# Mid-Century Modern plans?



## cyclocross (May 2, 2008)

We just bought a mid-century modern house and want to furnish it in period appropriate styles. Naturally, I see this as a much needed excuse to justify new woodworking projects (and tools) to the wife. Only problem is all the plan sites I see only seem to offer Mission, Stickley, or traditional style plans. I've yet to find a site that offers anything along the lines of Heywood-Wakefield, Noguchi, Eames, or other Mid-Century Modern styles. Does anyone out there have a source for 50's-60's style furniture?


----------



## Squillis (May 22, 2008)

*how's your creativeness*

Hmm, seems that a lot of the furniture I saw online was mostly made of plastic and metal, making it a difficult project to get tools for woodworking for.
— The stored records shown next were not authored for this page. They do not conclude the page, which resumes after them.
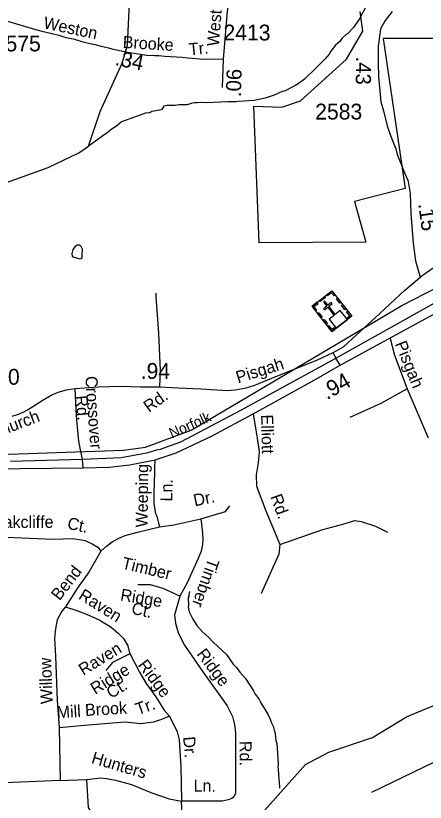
# Model space of a CAD drawing. Extents: x 1547597 to 1699558, y 810033 to 920809.
# Drawn here: x 1664043 to 1667282, y 864357 to 870571 of the extents above; entities that cross this region are included whole.
import ezdxf

# ---------------------------------------------------------------- set-up
doc = ezdxf.new("R2010")
doc.units = 0
for name, color, linetype in [('Exist Boundary Political City Limit New', 7, 'Continuous'), ('Exist Cultural Church with Cemetery CELL', 7, 'Continuous'), ('Exist Hydrographic Creek Single Shore', 7, 'Continuous'), ('Exist Hydrographic Misc Water Feature', 7, 'Continuous'), ('Exist Railroad Mainline', 7, 'Continuous'), ('Exist Railroad Mainline Label', 7, 'Continuous'), ('Exist Road Non-System Type 51', 7, 'Continuous'), ('Exist Road Non-System Type 51 Label', 7, 'Continuous'), ('Exist Road Secondary Mileage Hundredths English Label', 7, 'Continuous'), ('Exist Road Secondary Type 51 Attributed', 7, 'Continuous'), ('Exist Road Secondary Type 51 Label', 7, 'Continuous'), ('Exist Road Secondary Type 51 Number Label', 7, 'Continuous'), ('Map Preparation Boundary City Limit Buffer Line', 7, 'Continuous')]:
    doc.layers.add(name, color=color, linetype=linetype)

msp = doc.modelspace()

# ---------------------------------------------------------------- linework, layer by layer
at = {"layer": 'Exist Boundary Political City Limit New'}
for points in [[(1663837.3, 867101.4), (1664894.9, 867138.2), (1665070.4, 867162.6), (1665431.9, 867295.9), (1667096.1, 868282.8), (1668511.9, 869009.3), (1669040.6, 869311.4), (1669068.6, 869303.4), (1669736, 869635.4), (1668965.7, 870696)], [(1668792.6, 870578.2), (1668924.2, 870398.1), (1668522.6, 870384.2), (1668481.1, 869684.3), (1667989.5, 869677.4), (1667982.6, 870391.1), (1666948.6, 870391.8), (1667124.1, 869206.2), (1666723.2, 869104.4), (1666812.1, 868783.2), (1665968.7, 868776.5), (1665925.3, 869856.8), (1666148.7, 869850.2), (1666295.4, 869900.2), (1666658.6, 870228.4), (1666787.2, 870448.9), (1666766.3, 870604.1)]]:
    msp.add_lwpolyline(points, dxfattribs=at)
at = {"layer": 'Exist Cultural Church with Cemetery CELL'}
for points in [[(1666386.2, 868275.8), (1666542.6, 868399), (1666700.1, 868199), (1666543.8, 868075.8)], [(1666569.5, 868364.9), (1666560.5, 868357.9), (1666540.6, 868383.2), (1666508.8, 868358.1), (1666501.9, 868366.8), (1666542.6, 868399)], [(1666444.4, 868321.6), (1666485.1, 868353.7), (1666492.1, 868344.7), (1666451.4, 868312.6)], [(1666577.6, 868102.4), (1666665.7, 868171.9), (1666609.6, 868243), (1666569.8, 868211.6), (1666519.3, 868275.6), (1666545.2, 868296), (1666538.4, 868304.6), (1666512.5, 868284.2), (1666486.4, 868317.4), (1666477.3, 868310.2), (1666503.4, 868277), (1666477.4, 868256.6), (1666484.2, 868247.9), (1666510.2, 868268.4), (1666560.7, 868204.4), (1666521.5, 868173.6)], [(1666605.7, 868300.5), (1666578.9, 868334.5), (1666587.8, 868341.6), (1666614.7, 868307.5)], [(1666413, 868241.7), (1666421.9, 868248.8), (1666402, 868274), (1666433.8, 868299.1), (1666426.9, 868307.9), (1666386.2, 868275.8)], [(1666646.5, 868248.7), (1666619.7, 868282.7), (1666628.6, 868289.8), (1666655.4, 868255.7)], [(1666458.9, 868183.5), (1666432.1, 868217.5), (1666441, 868224.5), (1666467.8, 868190.5)], [(1666674.1, 868178.5), (1666667, 868187.5), (1666684.3, 868201.1), (1666659.3, 868232.8), (1666668, 868239.7), (1666700.1, 868199)], [(1666500.4, 868130.7), (1666473.6, 868164.7), (1666482.6, 868171.7), (1666509.4, 868137.7)], [(1666569.7, 868096.3), (1666562.6, 868105.3), (1666545.3, 868091.7), (1666520.3, 868123.4), (1666511.6, 868116.5), (1666543.7, 868075.8)]]:
    msp.add_lwpolyline(points, close=True, dxfattribs=at)
at = {"layer": 'Exist Hydrographic Creek Single Shore'}
for points in [[(1663902.4, 869229.1), (1664299.4, 869371.2), (1664542.4, 869487.8), (1664618.3, 869542), (1664710, 869814.5), (1664884.6, 870197.6), (1664927.5, 870337.9), (1664949.4, 870782.7), (1664959.5, 871348.7), (1664877.4, 871590.2), (1664663.6, 871953), (1664654.3, 872120.4), (1664753.4, 872500.2), (1664732.4, 872825.6), (1664707.3, 872852.4), (1664654.3, 873270.3), (1664532.3, 873561.8), (1664390.3, 874214.5), (1664342.3, 874389.5), (1664024.3, 874977)], [(1665665.3, 863671.1), (1665989.4, 864268.5), (1666335.4, 864655.3), (1666520.4, 864753.3), (1666863.4, 864867.9), (1667133.3, 865031.2), (1667355.1, 865123.7), (1667713.5, 865223.5), (1667807, 865419)]]:
    msp.add_lwpolyline(points, dxfattribs=at)
at = {"layer": 'Exist Hydrographic Misc Water Feature'}
for points in [[(1666860.9, 870738.4), (1666761.9, 870548.1), (1666712.8, 870477), (1666665.9, 870427.8), (1666655.8, 870422), (1666623.3, 870390.5), (1666605, 870366.8), (1666572.5, 870339.4), (1666535.8, 870292), (1666521.4, 870268.3), (1666488.7, 870228.8), (1666419.6, 870160), (1666326.3, 870071.6), (1666277.7, 870034.5), (1666251.5, 870018.9), (1666168.7, 869976.3), (1666150.7, 869972.6), (1666086.3, 869943.7), (1666040.1, 869928.5), (1666016, 869921), (1665927.6, 869900.5), (1665887.6, 869899.1), (1665845.6, 869895.8), (1665799.7, 869894.6), (1665783.6, 869890.8), (1665719.6, 869891.9), (1665663.6, 869888.9), (1665551.5, 869882.8), (1665503.6, 869885.6), (1665479.6, 869882), (1665453.5, 869882.5), (1665431.5, 869878.8), (1665399.3, 869867.4), (1665333.4, 869866.5), (1665303.2, 869861.1), (1665239.3, 869862.1), (1665215.3, 869856.6), (1665195.3, 869828.9), (1665120.1, 869816.1), (1665103.1, 869805.2), (1665069.4, 869802.1), (1664982.6, 869771.1), (1664880.4, 869733.9), (1664840.1, 869699.8), (1664806.1, 869678.1), (1664778.2, 869653.3), (1664618.3, 869542)], [(1664569, 868677.7), (1664570.6, 868728.2), (1664561.9, 868749), (1664550.3, 868760), (1664530.5, 868759.4), (1664511.3, 868746.1), (1664495.7, 868723.8), (1664488.2, 868693.3), (1664488.7, 868668), (1664547, 868651.9), (1664562.4, 868654.4), (1664568.7, 868662.4), (1664569, 868677.7)], [(1665418.3, 866021.9), (1665412.1, 865998), (1665412, 865982), (1665407.9, 865974), (1665409.4, 865910.1), (1665407.4, 865902.1), (1665415.1, 865862.1), (1665442.7, 865803.9), (1665476.3, 865753.7), (1665519.9, 865703.3), (1665567.5, 865662.9), (1665605.3, 865622.8), (1665710.5, 865526), (1665763.9, 865449.6), (1665789.6, 865423.3), (1665815.3, 865385.2), (1665861, 865334.9), (1665924.2, 865238.4), (1665938, 865212.3), (1665965.7, 865174.1), (1665981.4, 865142), (1666036.8, 865053.6), (1666056.5, 865013.5), (1666064.3, 864989.5), (1666080.1, 864957.4), (1666085.8, 864927.3), (1666089.8, 864921.3), (1666095.6, 864897.3), (1666099.2, 864845.3), (1666107.1, 864821.2), (1666117.9, 864661.3), (1666115.7, 864637.3), (1666119.6, 864621.3), (1666123, 864533.3), (1666127, 864525.3), (1666128.1, 864467.8)]]:
    msp.add_lwpolyline(points, dxfattribs=at)
at = {"layer": 'Exist Railroad Mainline'}
msp.add_lwpolyline([(1664002.1, 867052.3), (1664571.8, 867066.8), (1664877.5, 867081.4), (1665035.8, 867111.2), (1665089.9, 867121.1), (1665156.6, 867141), (1665187.8, 867147.8), (1665237.9, 867165.4), (1665349.7, 867206.1), (1665829.7, 867457.4), (1666575.2, 867867.3), (1667842.9, 868574.7)], dxfattribs=at)
at = {"layer": 'Exist Road Non-System Type 51'}
for points in [[(1665182.3, 867640), (1665189.2, 867768.3), (1665175.3, 868064.6), (1665155.1, 868350.7), (1665152.7, 868380.8)], [(1667004.1, 868020.1), (1667039.2, 867890), (1667138.2, 867624.7)], [(1666608.6, 867811.1), (1666575.2, 867867.3), (1666553.1, 867910.4)], [(1664571.8, 867066.8), (1664558.4, 867129.5), (1664542, 867209.5), (1664526, 867376.9), (1664521.6, 867458.1), (1664514.4, 867626.4)], [(1667138.2, 867624.7), (1666929.6, 867507.9), (1666685.7, 867398.2)], [(1667138.2, 867624.7), (1667304.3, 867235.5)], [(1665919.9, 867426.9), (1665953.2, 867233.9), (1665968.5, 867125.6), (1665961.8, 867038.5), (1665944.1, 866943), (1665947.7, 866854.6), (1666021.9, 866660), (1666103.2, 866465.4), (1666131.5, 866394.7)], [(1664576.5, 867000.2), (1664571.8, 867066.8)], [(1665183.1, 866533.6), (1665162, 866615.2), (1665152.2, 866635.2), (1665137.3, 866717.6), (1665137.7, 866751.4), (1665138.4, 866805.4), (1665143.5, 866959.5), (1665143.5, 867005.6), (1665144.8, 867062.5)], [(1665506.4, 866596.4), (1665701.4, 866655.8), (1665735.3, 866698.2)], [(1665179.9, 866532.8), (1665294.4, 866549.8), (1665387.7, 866571), (1665506.4, 866596.4)], [(1665506.4, 866596.4), (1665519.1, 866486.1), (1665523.3, 866431), (1665519.1, 866392.8), (1665510.6, 866341.9), (1665485.2, 866282.5), (1665400.4, 866091.6), (1665341, 865985.6)], [(1666131.5, 866394.7), (1666470.8, 866511.4), (1666629.9, 866553.9), (1666725.4, 866582.2), (1666774.8, 866575.1), (1666888, 866539.7), (1666983.4, 866490.2)], [(1664717.8, 866341.9), (1664760.2, 866380.1), (1664806.8, 866414), (1664857.7, 866443.7), (1664908.6, 866464.9), (1665006.1, 866490.4), (1665179.9, 866532.8)], [(1663827.5, 866460.7), (1664031, 866448), (1664336.3, 866435.2), (1664494.2, 866442), (1664593.1, 866424.7), (1664647, 866398.7), (1664693.6, 866373.3), (1664717.8, 866341.9)], [(1666131.5, 866394.7), (1666124.4, 866316.8), (1665983, 866005.5)], [(1664717.8, 866341.9), (1664620.3, 866176.5), (1664535.5, 866053.4), (1664438, 865900.7)], [(1665341, 865985.6), (1665209.6, 866045), (1665107.9, 866074.7), (1665010.3, 866074.7)], [(1665341, 865985.6), (1665311.3, 865883.8), (1665298.6, 865837.1), (1665307.1, 865773.5), (1665328.3, 865697.1), (1665379.2, 865599.5), (1665523.3, 865387.4), (1665714.1, 865120.2), (1665756.5, 865035.3), (1665773.5, 864971.7), (1665781.9, 864903.8), (1665781.9, 864556), (1665781.9, 864430.4), (1665769.2, 864400.7), (1665752.3, 864388), (1665722.6, 864375.3), (1665675.9, 864366.8), (1665353.7, 864366.8)], [(1664438, 865900.7), (1664408.3, 865866.8), (1664370.2, 865798.9), (1664357.5, 865726.8), (1664349, 865654.7), (1664357.5, 865510.5), (1664370.2, 865162.6), (1664387.1, 864946.3)], [(1664438, 865900.7), (1664527, 865872.7), (1664620.3, 865834.6), (1664709.3, 865796.4), (1664798.4, 865741.2), (1664853.5, 865694.6), (1664895.9, 865652.1), (1664929.8, 865592.8), (1664942.5, 865537.6)], [(1664946.3, 865530.4), (1664807.5, 865461), (1664755.3, 865398.3)], [(1664942.5, 865537.6), (1665023.1, 865384.9), (1665073.9, 865295.8), (1665150.2, 865189.8), (1665218.1, 865083.7), (1665260.5, 865037)], [(1665260.5, 865037), (1665196.9, 865011.6), (1665133.3, 864990.4), (1665031.5, 864977.7), (1664908.6, 864990.4), (1664586.4, 864964.9), (1664387.1, 864946.3)], [(1665260.5, 865037), (1665319.8, 864914), (1665336.8, 864850.4), (1665341, 864761.3), (1665349.5, 864642.5), (1665353.7, 864366.8)], [(1664387.1, 864946.3), (1664395.6, 864530.5)], [(1667429.6, 864711.3), (1666857.9, 864434.5)], [(1664395.6, 864530.5), (1663895.3, 864509.3)], [(1664395.6, 864530.5), (1664602.5, 864537)], [(1664602.5, 864537), (1664717.8, 864549.2), (1664760.2, 864545), (1664832.3, 864532.2), (1664959.5, 864498.3), (1665112.1, 864434.7), (1665256.2, 864383.8), (1665353.7, 864366.8)], [(1664602.5, 864537), (1664616.8, 864317), (1664631.4, 864290.8), (1664666.3, 864255.8), (1664762.3, 864194.7), (1664971.8, 864078.2), (1665067.8, 864020), (1665146.4, 863979.2), (1665213.3, 863961.8), (1665271.5, 863955.9), (1665309.3, 863955.9), (1665350, 863955.9), (1665393.7, 863955.9)], [(1665393.7, 863955.9), (1665367.5, 864084), (1665353.7, 864366.8)]]:
    msp.add_lwpolyline(points, dxfattribs=at)
at = {"layer": 'Exist Road Secondary Type 51 Attributed'}
msp.add_line((1665683.1, 870229.4), (1665676.1, 870004), dxfattribs=at)
for points in [[(1666862.7, 872015.3), (1666860.9, 871910), (1666839.7, 871515.2), (1666821.1, 871453.2), (1666789.4, 871410.6), (1666743.4, 871366.6), (1666677.2, 871337.1), (1666243.8, 871317.7), (1666197, 871296.3), (1666158.7, 871267.4), (1666132.8, 871244.1), (1666123.9, 871224.8), (1666108.4, 871201.5), (1666063.4, 870962.9), (1666029.9, 870884.1), (1665990.5, 870840.7), (1665959, 870819), (1665874.3, 870797.3), (1665801.4, 870781.5), (1665763.9, 870759.8), (1665732.4, 870718.4), (1665714.7, 870604), (1665683.1, 870229.4)], [(1667019.1, 870605.3), (1666964.2, 870535.1), (1666928.5, 870467.5), (1666924.7, 870444.6), (1666908.4, 870330.6), (1666908.4, 870200.4), (1666912.8, 870087.9), (1666921.6, 869977.6), (1666930.4, 869891.5), (1666952.1, 869820.8), (1666980.2, 869702.2), (1667005.7, 869625.6), (1667050.3, 869519.8), (1667060.6, 869473.9), (1667088.6, 869405), (1667118, 869331), (1667142.8, 869272.3), (1667153, 869230.2), (1667163.2, 869167.7), (1667167.1, 869009.6), (1667184.9, 868774.9), (1667204.1, 868634.5), (1667241.4, 868506.6)], [(1665683.1, 870229.4), (1665523.1, 870224.5), (1665444.2, 870232.4), (1665405.3, 870237.2), (1665360.8, 870242.5), (1665223.4, 870250.4), (1665175.1, 870255.7), (1665140.2, 870255.7), (1665078.4, 870258.4), (1664996.6, 870269.6), (1664910.7, 870283), (1664806.8, 870307.3), (1664779.2, 870316.4), (1664718.2, 870328.4), (1664685.1, 870338.3), (1664642.1, 870346.4), (1664576.3, 870363.2), (1664511, 870382.6), (1664442, 870398.1), (1664388.3, 870414.3), (1664340, 870425), (1664251.3, 870447.6), (1664195, 870463.7), (1663981.2, 870525.7)], [(1667241.4, 868506.6), (1667284.9, 868538.8), (1667470.1, 868667.9), (1667540.9, 868692.1), (1667578.2, 868703.5), (1667632.3, 868709.2), (1667709.1, 868717.7), (1667790.2, 868726.3), (1667904.1, 868733.4), (1667979.5, 868732), (1668037.9, 868713), (1668053.3, 868704.1), (1668062.8, 868694.9), (1668107.5, 868626.9)], [(1662843.5, 866770.3), (1662983.9, 866843.7), (1663108.9, 866892.1), (1663256.8, 866940.6), (1663440.5, 866978.9), (1663580.8, 866991.6), (1663830.8, 866991.6), (1664576.5, 867000.2), (1664784.8, 867005.6), (1664944.7, 867022.9), (1665144.8, 867062.5), (1665312.3, 867118.6), (1665598.1, 867251.9), (1665919.9, 867426.9), (1666403.2, 867691.9), (1666608.6, 867811.1), (1668107.5, 868626.9)], [(1664015.2, 867408.7), (1664066.2, 867424), (1664101.3, 867440), (1664137.3, 867458.5), (1664179.4, 867484), (1664251.5, 867530.5), (1664324.8, 867574.6), (1664379.6, 867597.5), (1664444.7, 867614.7), (1664514.4, 867626.4), (1664694.6, 867640), (1664876.2, 867644.1), (1665030.6, 867640), (1665182.3, 867640), (1665329, 867632.3), (1665509.3, 867624), (1665715.8, 867611.7), (1665779.4, 867616.6), (1665864.7, 867632.8), (1665933.3, 867652.4), (1665996.2, 867678.2), (1666068.5, 867706.9), (1666428.4, 867852.3), (1666553.1, 867910.4), (1666635.2, 867955.9), (1666702.8, 868018.4), (1666922.2, 868218.7), (1667120.5, 868403.7), (1667183, 868456), (1667241.4, 868506.6)]]:
    msp.add_lwpolyline(points, dxfattribs=at)
at = {"layer": 'Map Preparation Boundary City Limit Buffer Line'}
for points in [[(1663837.3, 867101.4), (1664894.9, 867138.2), (1665070.4, 867162.6), (1665431.9, 867295.9), (1667096.1, 868282.8), (1668511.9, 869009.3), (1669040.6, 869311.4), (1669068.6, 869303.4), (1669736, 869635.4), (1668965.7, 870696)], [(1668792.6, 870578.2), (1668924.2, 870398.1), (1668522.6, 870384.2), (1668481.1, 869684.3), (1667989.5, 869677.4), (1667982.6, 870391.1), (1666948.6, 870391.8), (1667124.1, 869206.2), (1666723.2, 869104.4), (1666812.1, 868783.2), (1665968.7, 868776.5), (1665925.3, 869856.8), (1666148.7, 869850.2), (1666295.4, 869900.2), (1666658.6, 870228.4), (1666787.2, 870448.9), (1666766.3, 870604.1)]]:
    msp.add_lwpolyline(points, dxfattribs=at)

# ---------------------------------------------------------------- texts
at = {"layer": 'Exist Railroad Mainline Label'}
msp.add_text('Norfolk', height=82.02, rotation=23.94188, dxfattribs=at).set_placement((1665278.6, 867230.8))
at = {"layer": 'Exist Road Non-System Type 51 Label'}
for s, rotation, p in [('Pisgah', 291.90433, (1667040.7, 867979.9)), ('Crossover', 274.09691, (1664593.2, 867721.5)), ('Rd.', 275.32105, (1664515.2, 867567.4)), ('Elliott', 271.28266, (1665983.6, 867419.9)), ('Weeping', 89.33005, (1665086, 866528.5)), ('Ln.', 89.33005, (1665281.8, 866733)), ('Dr.', 12.0502, (1665459.6, 866694.3)), ('Rd.', 290.06817, (1666054.9, 866772.2)), ('Oakcliffe', 0.29203, (1663848.7, 866522.9)), ('Ct.', 347.52221, (1664445.6, 866519.8)), ('Timber', 346.82694, (1664876.6, 866204.3)), ('Bend', 52.17729, (1664390, 865945.6)), ('Timber', 250.67373, (1665566.7, 866291.6)), ('Raven', 328.0656, (1664532.6, 865969.2)), ('Ridge', 350.4494, (1664866.2, 865952.6)), ('Ct.', 346.82694, (1664952.2, 865848.9)), ('Raven', 31.51822, (1664577.8, 865355.2)), ('Ridge', 306.88117, (1665469.3, 865527.5)), ('Willow', 92.07704, (1664336.2, 865135)), ('Ridge', 306.74156, (1665004.6, 865440.6)), ('Ridge', 31.51822, (1664671.6, 865205)), ('Ct.', 31.51822, (1664797.6, 865172.7)), ('Brook', 3.36122, (1664593.9, 865038.4)), ('Tr.', 19.38966, (1665009.6, 865044.8)), ('Mill', 3.22123, (1664370, 865020.7)), ('Dr.', 274.95606, (1665366.8, 864873.1)), ('Rd.', 270.88854, (1665812.7, 864841.6)), ('Hunters', 343.6862, (1664635.9, 864667.9)), ('Ln.', 359.87702, (1665449.4, 864440.7))]:
    msp.add_text(s, height=95, rotation=rotation, dxfattribs=at).set_placement(p)
at = {"layer": 'Exist Road Secondary Mileage Hundredths English Label'}
for s, height, rotation, p in [('.34', 120, 348.37435, (1664823.1, 870182.3)), ('.43', 120, 269.55216, (1666733.9, 870249.4)), ('.06', 120, 88.20369, (1665824, 869927.1)), ('.15', 120, 277.84089, (1667225.2, 869085)), ('.94', 125, 30.14006, (1666504.9, 867534.1))]:
    msp.add_text(s, height=height, rotation=rotation, dxfattribs=at).set_placement(p)
msp.add_text('.94', height=125, dxfattribs=at).set_placement((1665031.8, 867702.5))
at = {"layer": 'Exist Road Secondary Type 51 Label'}
for s, rotation, p in [('West', 85.36324, (1665649.7, 870327)), ('Weston', 348.09697, (1664257.1, 870473.3)), ('Brooke', 356.50773, (1664887.7, 870317.6)), ('Tr.', 5.48875, (1665416.8, 870258.6)), ('Pisgah', 17.3399, (1665801.6, 867666.5)), ('Rd.', 35.51906, (1665096.9, 867433.1)), ('Church', 20.68951, (1663859.2, 867225.2))]:
    msp.add_text(s, height=95, rotation=rotation, dxfattribs=at).set_placement(p)
at = {"layer": 'Exist Road Secondary Type 51 Number Label'}
for s, p in [('2413', (1665686.2, 870376.2)), ('2575', (1663869.9, 870289.9)), ('2583', (1666411.5, 869751.6)), ('2410', (1663703.2, 867656.2))]:
    msp.add_text(s, height=125, dxfattribs=at).set_placement(p)

doc.saveas('drawing.dxf')

Maybe your best bet is to see if you find a piece you like and try to come up with your own version, or see if you're able to swap out metal legs and sides for wood.


----------



## cyclocross (May 2, 2008)

Plastic and metal is common but wood was still the dominant material to a large degree. Many people erroneously assume plastic was common but many landmark pieces (the Eames LCW chair, the Noguchi coffee table, the Eames coffee table) look plastic but in fact were made from molded plywood. Heywood-Wakefield furniture was also entirely made from wood. Unfortunately it seems like most woodworking mags and sites are stuck in just a few particular styles.


----------